• _Your objective_
Repeat the following entries exactly, excluding pictures.

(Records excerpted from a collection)
□ □ □ □ □

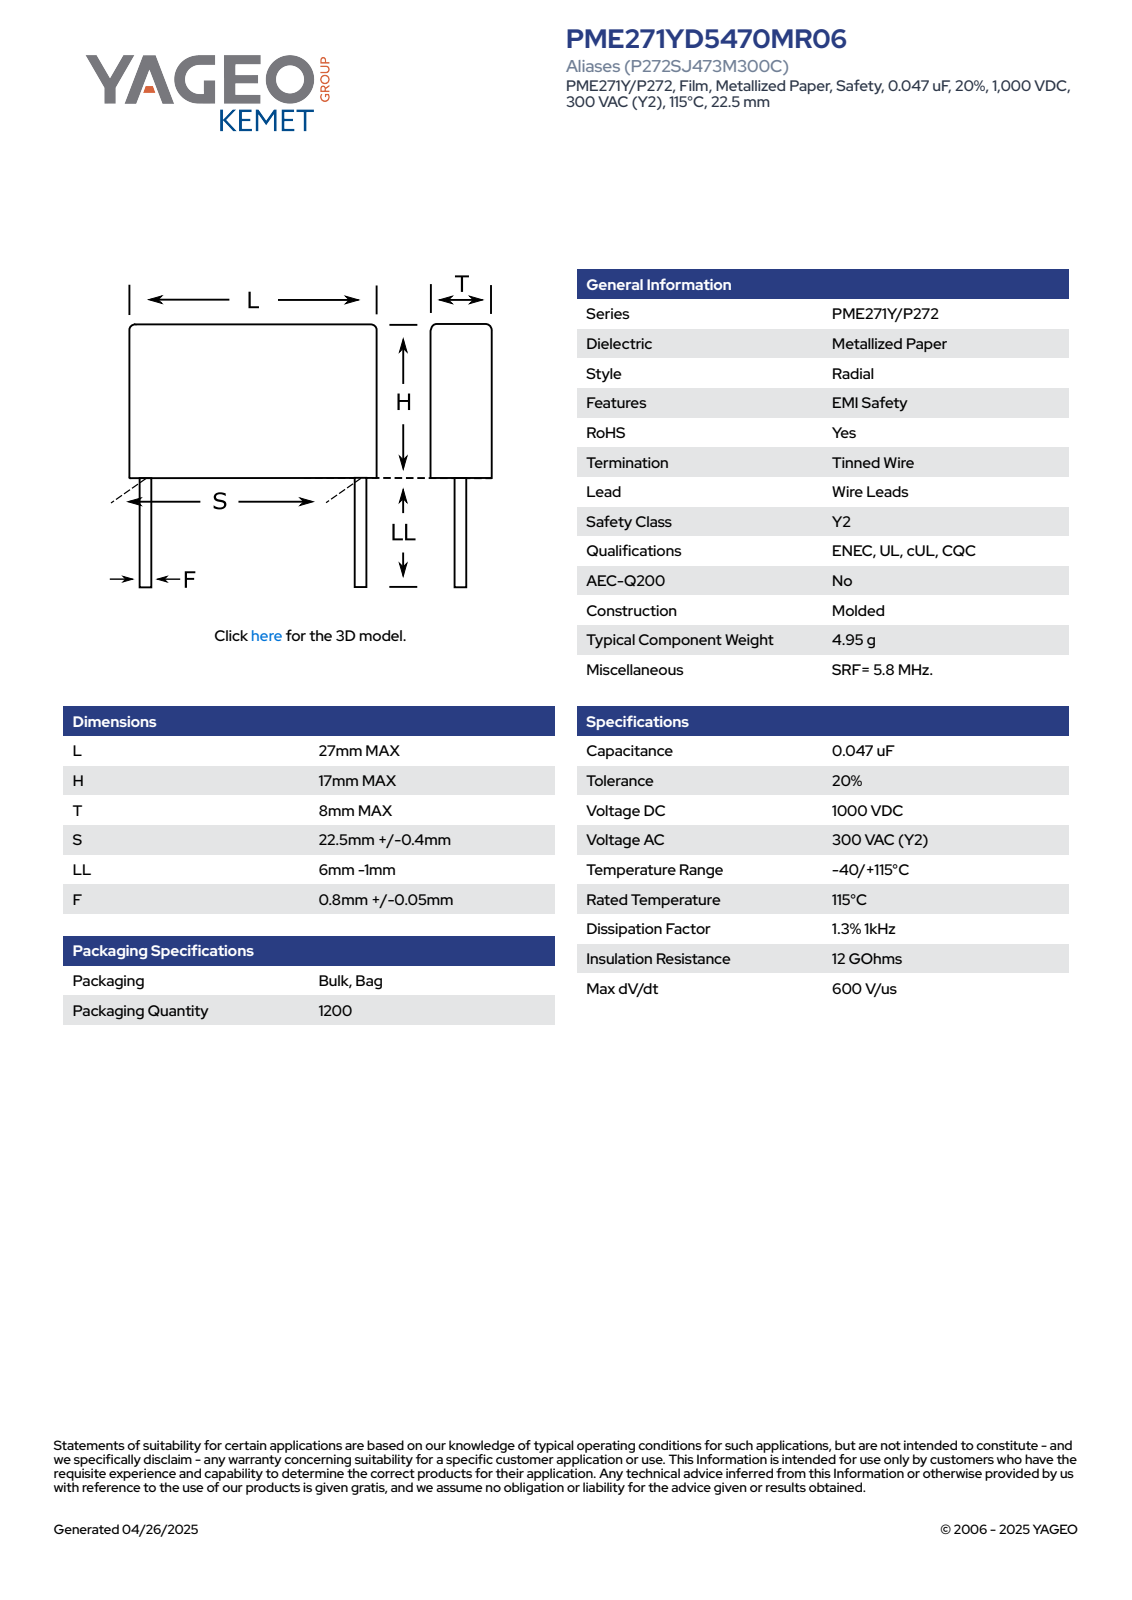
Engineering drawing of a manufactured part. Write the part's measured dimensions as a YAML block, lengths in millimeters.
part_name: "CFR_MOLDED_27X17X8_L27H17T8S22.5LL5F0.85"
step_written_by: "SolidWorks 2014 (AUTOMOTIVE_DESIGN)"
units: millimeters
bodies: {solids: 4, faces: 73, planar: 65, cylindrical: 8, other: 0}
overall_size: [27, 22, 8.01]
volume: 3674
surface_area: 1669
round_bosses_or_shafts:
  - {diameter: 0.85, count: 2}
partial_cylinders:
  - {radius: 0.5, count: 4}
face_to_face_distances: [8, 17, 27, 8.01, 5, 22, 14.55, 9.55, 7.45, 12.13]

□ □ □ □ □

• _Response area_
Engineering drawing of a manufactured part. Write the part's measured dimensions as a YAML block, lengths in millimeters.
part_name: "CFR_MOLDED_27X17X8_L27H17T8S22.5LL5F0.85"
step_written_by: "SolidWorks 2014 (AUTOMOTIVE_DESIGN)"
units: millimeters
bodies: {solids: 4, faces: 73, planar: 65, cylindrical: 8, other: 0}
overall_size: [27, 22, 8.01]
volume: 3674
surface_area: 1669
round_bosses_or_shafts:
  - {diameter: 0.85, count: 2}
partial_cylinders:
  - {radius: 0.5, count: 4}
face_to_face_distances: [8, 17, 27, 8.01, 5, 22, 14.55, 9.55, 7.45, 12.13]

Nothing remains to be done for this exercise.